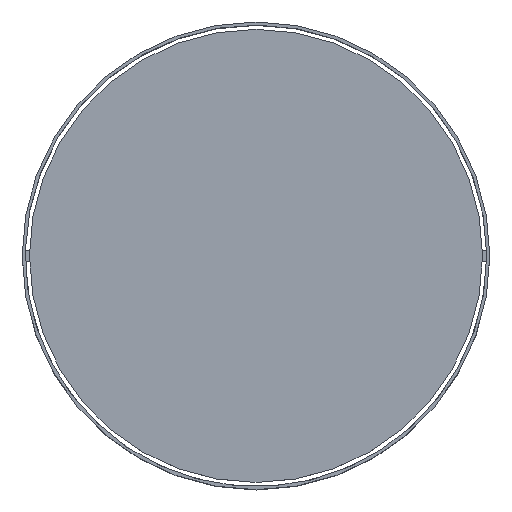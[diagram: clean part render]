
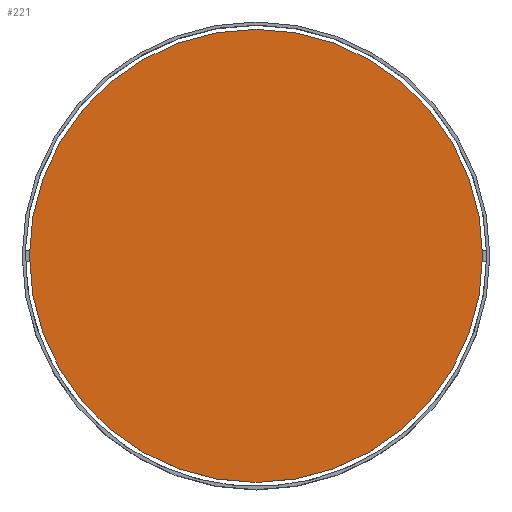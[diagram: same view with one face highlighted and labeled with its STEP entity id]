
A CAD part, top view. The second image highlights one B-rep face of the part: STEP entity #221.
In plain terms, the highlighted planar face has unit normal (0, 0, 1).
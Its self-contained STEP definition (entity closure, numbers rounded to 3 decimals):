
#43=PLANE('',#258);
#71=FACE_OUTER_BOUND('',#99,.T.);
#99=EDGE_LOOP('',(#202));
#114=CIRCLE('',#256,218.);
#133=VERTEX_POINT('',#377);
#156=EDGE_CURVE('',#133,#133,#114,.T.);
#202=ORIENTED_EDGE('',*,*,#156,.F.);
#221=ADVANCED_FACE('',(#71),#43,.T.);
#256=AXIS2_PLACEMENT_3D('',#378,#319,#320);
#258=AXIS2_PLACEMENT_3D('',#380,#323,#324);
#319=DIRECTION('center_axis',(0.,0.,-1.));
#320=DIRECTION('ref_axis',(-1.,0.,0.));
#323=DIRECTION('center_axis',(0.,0.,1.));
#324=DIRECTION('ref_axis',(1.,0.,0.));
#377=CARTESIAN_POINT('',(218.,0.,140.));
#378=CARTESIAN_POINT('Origin',(0.,0.,140.));
#380=CARTESIAN_POINT('Origin',(0.,0.,140.));
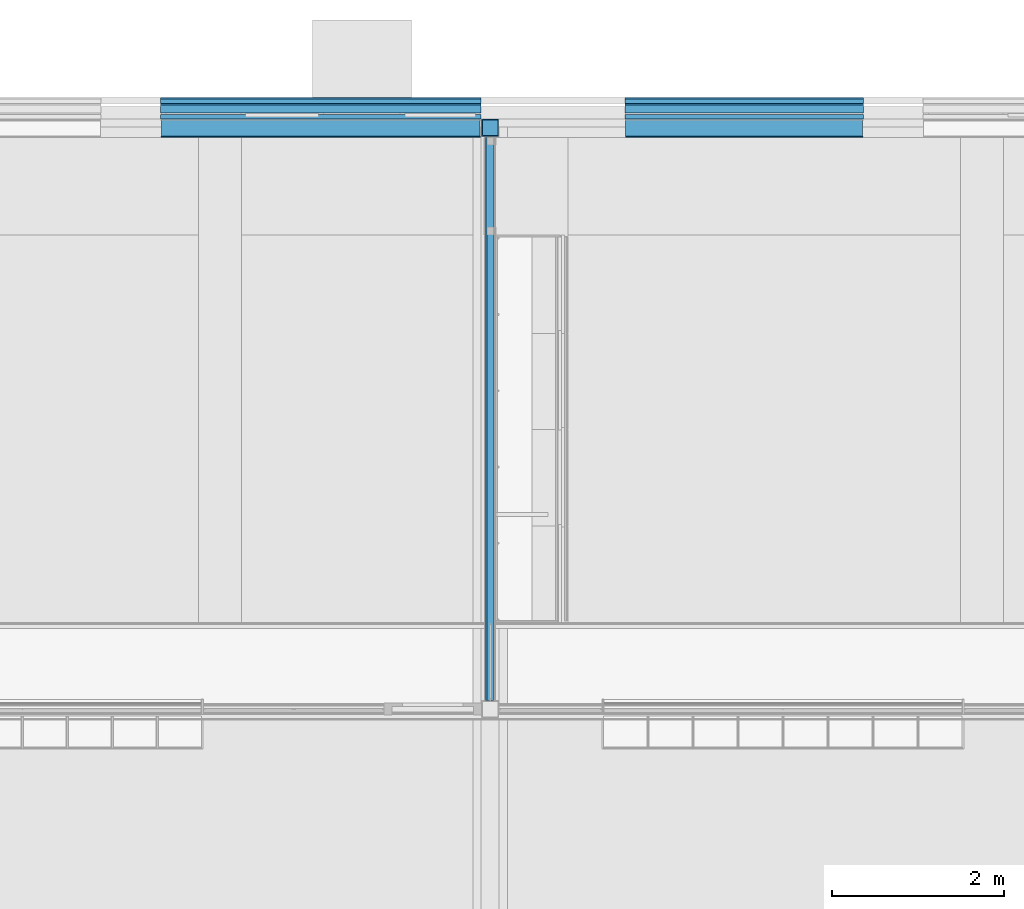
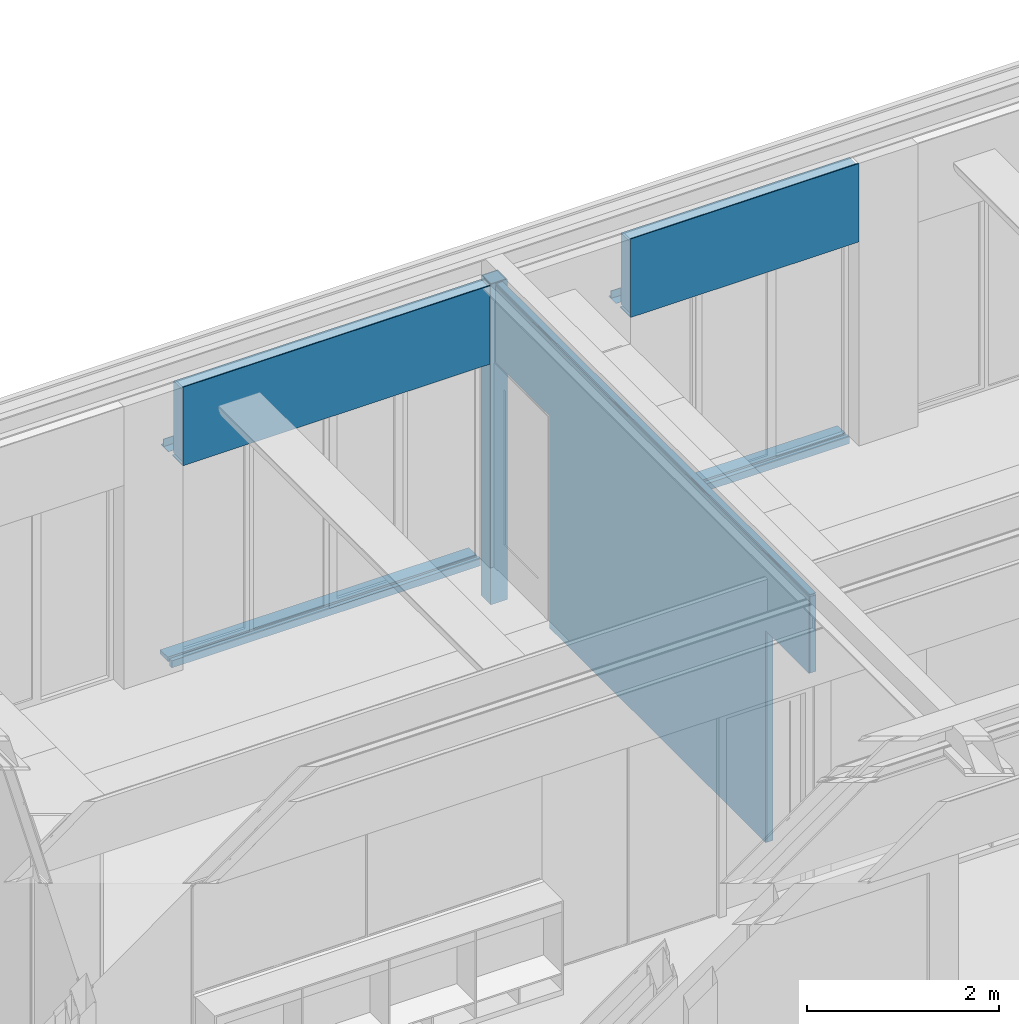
# One storey, part 96 of 165: 18 building element parts, 2 openings, 8 elements without a shape of their own.
"""IFC2X3 building model written with IfcOpenShell, lengths in millimetres."""

import ifcopenshell
import ifcopenshell.guid

model = None  # the IFC model being written
_history = None  # IfcOwnerHistory: only IFC2X3 demands one
_inside = {}  # id of a spatial element -> (the spatial element, [elements in it])
_under = {}  # id of a project, library or spatial element -> (it, [spatial elements below it])
_declared = {}  # id of a project -> (the project, [libraries it declares])
_typed = {}  # id of a type object -> (the type object, [elements of that type])
_made_of = {}  # id of a material, layer set ... -> (it, [elements and type objects made of it])


def new_model(schema):
    """Start an empty IFC model of exactly this schema.

    Asked for "IFC4X3", IfcOpenShell would pick the latest addendum, in which some entities
    have other attributes; the version numbers below select the first issue.
    IFC2X3 requires an IfcOwnerHistory on every rooted entity: one is made here for all.
    """
    global model, _history
    if schema == "IFC4X3":
        model = ifcopenshell.file(schema_version=(4, 3, 0, 0))
    else:
        model = ifcopenshell.file(schema=schema)
    _inside.clear()
    _under.clear()
    _declared.clear()
    _typed.clear()
    _made_of.clear()
    _history = None
    if model.schema == "IFC2X3":
        org = make("IfcOrganization", Name="unknown")
        user = make(
            "IfcPersonAndOrganization",
            ThePerson=make("IfcPerson", FamilyName="unknown"),
            TheOrganization=org,
        )
        app = make(
            "IfcApplication",
            ApplicationDeveloper=org,
            Version="unknown",
            ApplicationFullName="unknown",
            ApplicationIdentifier="unknown",
        )
        _history = make(
            "IfcOwnerHistory",
            OwningUser=user,
            OwningApplication=app,
            ChangeAction="ADDED",
            CreationDate=0,
        )
    return model


def make(cls, **values):
    """One entity of the class cls with the attributes given. An attribute that is None is left unset."""
    return model.create_entity(
        cls, **{name: value for name, value in values.items() if value is not None}
    )


def entity(cls, *values):
    """Any entity or typed value of the class cls, its attributes in the order of the schema. None: left unset."""
    e = model.create_entity(cls)
    for i, value in enumerate(values):
        if value is not None:
            e[i] = value
    return e


def rooted(cls, **values):
    """An entity with a GlobalId (a new one), such as an element, a storey or a relation."""
    return make(cls, GlobalId=ifcopenshell.guid.new(), OwnerHistory=_history, **values)


def si_unit(unit_type, name, prefix=None):
    """IfcSIUnit, for example si_unit("LENGTHUNIT", "METRE", prefix="MILLI")."""
    return make("IfcSIUnit", UnitType=unit_type, Prefix=prefix, Name=name)


def converted_unit(unit_type, name, factor, base, dimensions=None, offset=None):
    """IfcConversionBasedUnit, such as the inch: factor (a typed value) times the base unit."""
    return make(
        "IfcConversionBasedUnit"
        if offset is None
        else "IfcConversionBasedUnitWithOffset",
        ConversionOffset=offset,
        Dimensions=None
        if dimensions is None
        else entity("IfcDimensionalExponents", *dimensions),
        UnitType=unit_type,
        Name=name,
        ConversionFactor=make(
            "IfcMeasureWithUnit", ValueComponent=factor, UnitComponent=base
        ),
    )


def derived_unit(unit_type, elements):
    """IfcDerivedUnit: a product of units, each with its exponent."""
    return make(
        "IfcDerivedUnit",
        Elements=[
            make("IfcDerivedUnitElement", Unit=unit, Exponent=power)
            for unit, power in elements
        ],
        UnitType=unit_type,
    )


def money_unit(currency):
    """IfcMonetaryUnit."""
    return make("IfcMonetaryUnit", Currency=currency)


def assignment(units):
    """IfcUnitAssignment: the units of a project."""
    return None if units is None else make("IfcUnitAssignment", Units=units)


def point(xyz):
    """IfcCartesianPoint."""
    return None if xyz is None else make("IfcCartesianPoint", Coordinates=xyz)


def direction(xyz):
    """IfcDirection."""
    return None if xyz is None else make("IfcDirection", DirectionRatios=xyz)


def frame(location, z_axis=None, x_axis=None):
    """IfcAxis2Placement3D, a coordinate frame: its origin and axes. An axis left out is left unset."""
    return make(
        "IfcAxis2Placement3D",
        Location=point(location),
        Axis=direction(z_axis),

━━━━━━━━━━━━━━━━━━━━━━━━━━━━━━

• **WHAT THIS TASK INVOLVES**: Set the pictures aside and retype exactly the lines above from the line with "#320=DIRECTION('ref_axis',(-1.,0.,0.));" to the line with "[elements in it])", both included, adding no others.

• **ANSWER**:
#320=DIRECTION('ref_axis',(-1.,0.,0.));
#323=DIRECTION('center_axis',(0.,0.,1.));
#324=DIRECTION('ref_axis',(1.,0.,0.));
#377=CARTESIAN_POINT('',(218.,0.,140.));
#378=CARTESIAN_POINT('Origin',(0.,0.,140.));
#380=CARTESIAN_POINT('Origin',(0.,0.,140.));
# One storey, part 96 of 165: 18 building element parts, 2 openings, 8 elements without a shape of their own.
"""IFC2X3 building model written with IfcOpenShell, lengths in millimetres."""

import ifcopenshell
import ifcopenshell.guid

model = None  # the IFC model being written
_history = None  # IfcOwnerHistory: only IFC2X3 demands one
_inside = {}  # id of a spatial element -> (the spatial element, [elements in it])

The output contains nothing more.